### WORK TO BE COMPLETED
Look for the word "origin" in the records, and copy each line where it appears.

(Collection entries)
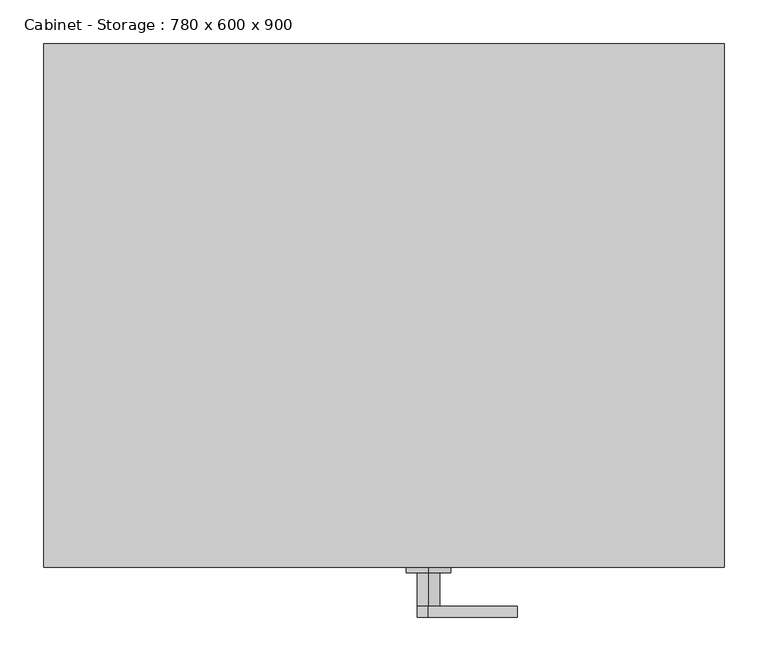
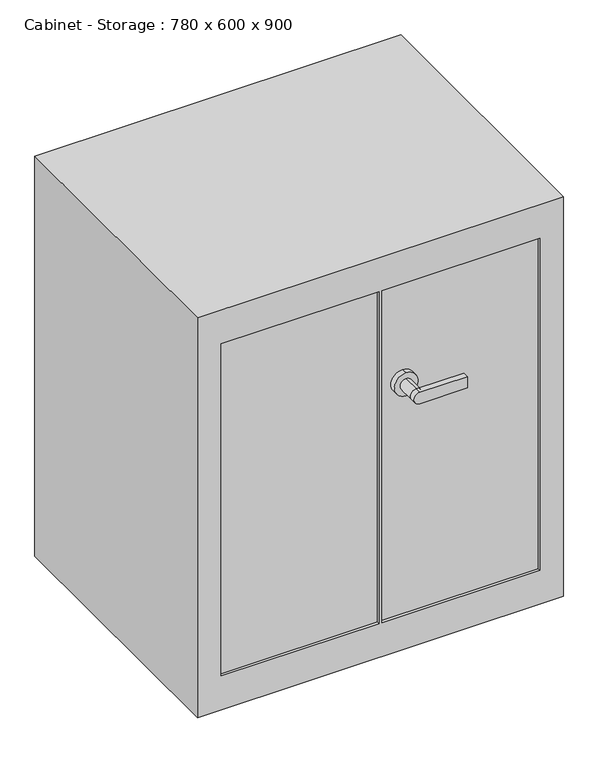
"""IFC4 building model written with IfcOpenShell, lengths in millimetres: furniture geometry, Cabinet - Storage : 780 x 600 x 900."""

from ifc_helpers import new_model, si_unit, point, frame, frame_2d, origin, place, context, project, spatial, polyline, circle_curve, trimmed, segment, composite_curve, outline, extrude, faceted_brep, source, transform, mapped, element, save


def cabinet_storage_780_x_600_x_900_050bcf3c(model_context):
    return source(origin(), model_context, "Body", "SolidModel", [
        extrude(outline(composite_curve([segment(polyline([(612.7, 152.5427411), (612.7, 50.9427411)]), True, "CONTINUOUS"), segment(trimmed(circle_curve(frame_2d((600.0, 50.9427411)), 12.7), [point((612.7, 50.9427411))], [point((587.3, 50.9427411))], False, "CARTESIAN"), True, "CONTINUOUS"), segment(polyline([(587.3, 50.9427411), (587.3, 152.5427411), (612.7, 152.5427411)]), True, "CONTINUOUS")], self_intersect=False)), frame((0.0, -357.15, 0.0), z_axis=(0.0, 1.0, 0.0), x_axis=(0.0, 0.0, 1.0)), (0.0, 0.0, 1.0), 12.7),
        extrude(outline(composite_curve([segment(trimmed(circle_curve(frame_2d((600.0, 50.9427411)), 12.7), [point((612.7, 50.9427411))], [point((587.3, 50.9427411))], False, "CARTESIAN"), True, "CONTINUOUS"), segment(trimmed(circle_curve(frame_2d((600.0, 50.9427411)), 12.7), [point((587.3, 50.9427411))], [point((612.7, 50.9427411))], False, "CARTESIAN"), True, "CONTINUOUS")], self_intersect=False)), frame((0.0, -344.45, 0.0), z_axis=(0.0, 1.0, 0.0), x_axis=(0.0, 0.0, 1.0)), (0.0, 0.0, 1.0), 38.1),
        extrude(outline(composite_curve([segment(trimmed(circle_curve(frame_2d((600.0, 50.9427411)), 25.4), [point((625.4, 50.9427411))], [point((574.6, 50.9427411))], False, "CARTESIAN"), True, "CONTINUOUS"), segment(trimmed(circle_curve(frame_2d((600.0, 50.9427411)), 25.4), [point((574.6, 50.9427411))], [point((625.4, 50.9427411))], False, "CARTESIAN"), True, "CONTINUOUS")], self_intersect=False)), frame((0.0, -306.35, 0.0), z_axis=(0.0, 1.0, 0.0), x_axis=(0.0, 0.0, 1.0)), (0.0, 0.0, 1.0), 12.7),
        faceted_brep([(390.0, -300.0, 900.0), (390.0, 300.0, 900.0), (-390.0, 300.0, 900.0), (-390.0, -300.0, 900.0), (390.0, -300.0, 0.0), (-390.0, -300.0, 0.0), (-390.0, 300.0, 0.0), (390.0, 300.0, 0.0), (339.2, -300.0, 823.8), (339.2, -300.0, 76.2), (3.175, -300.0, 76.2), (3.175, -300.0, 823.8), (-339.2, -300.0, 823.8), (-3.175, -300.0, 823.8), (-3.175, -300.0, 76.2), (-339.2, -300.0, 76.2), (339.2, -293.65, 76.2), (339.2, -293.65, 823.8), (3.175, -293.65, 823.8), (3.175, -293.65, 76.2), (-3.175, -293.65, 823.8), (-339.2, -293.65, 823.8), (-339.2, -293.65, 76.2), (-3.175, -293.65, 76.2)], [[[0, 1, 2, 3]], [[4, 5, 6, 7]], [[1, 0, 4, 7]], [[2, 1, 7, 6]], [[3, 2, 6, 5]], [[0, 3, 5, 4], [8, 9, 10, 11], [12, 13, 14, 15]], [[16, 17, 18, 19]], [[17, 16, 9, 8]], [[18, 17, 8, 11]], [[19, 18, 11, 10]], [[16, 19, 10, 9]], [[20, 21, 22, 23]], [[21, 20, 13, 12]], [[22, 21, 12, 15]], [[23, 22, 15, 14]], [[20, 23, 14, 13]]]),
    ])


if __name__ == "__main__":
    model = new_model("IFC4")
    model_context = context("Model", 3, world=origin())
    ifc_project = project(units=[si_unit("LENGTHUNIT", "METRE", prefix="MILLI")], contexts=[model_context])
    site = spatial("IfcSite", under=ifc_project)
    building = spatial("IfcBuilding", under=site)
    placement = place(None, origin())
    cabinet_storage_780_x_600_x_900_shape = cabinet_storage_780_x_600_x_900_050bcf3c(model_context)
    element("IfcFurniture", 1, ObjectType="Cabinet - Storage : 780 x 600 x 900", at=placement, inside=building, context=model_context, shape_type="MappedRepresentation", body=[
        mapped(cabinet_storage_780_x_600_x_900_shape, transform((0.0, 0.0, 0.0), x_axis=(1.0, 0.0, 0.0), y_axis=(0.0, 1.0, 0.0), z_axis=(0.0, 0.0, 1.0))),
    ])
    save(model, "model.ifc")

### PROBLEM SOLUTION
from ifc_helpers import new_model, si_unit, point, frame, frame_2d, origin, place, context, project, spatial, polyline, circle_curve, trimmed, segment, composite_curve, outline, extrude, faceted_brep, source, transform, mapped, element, save
    return source(origin(), model_context, "Body", "SolidModel", [
    model_context = context("Model", 3, world=origin())
    placement = place(None, origin())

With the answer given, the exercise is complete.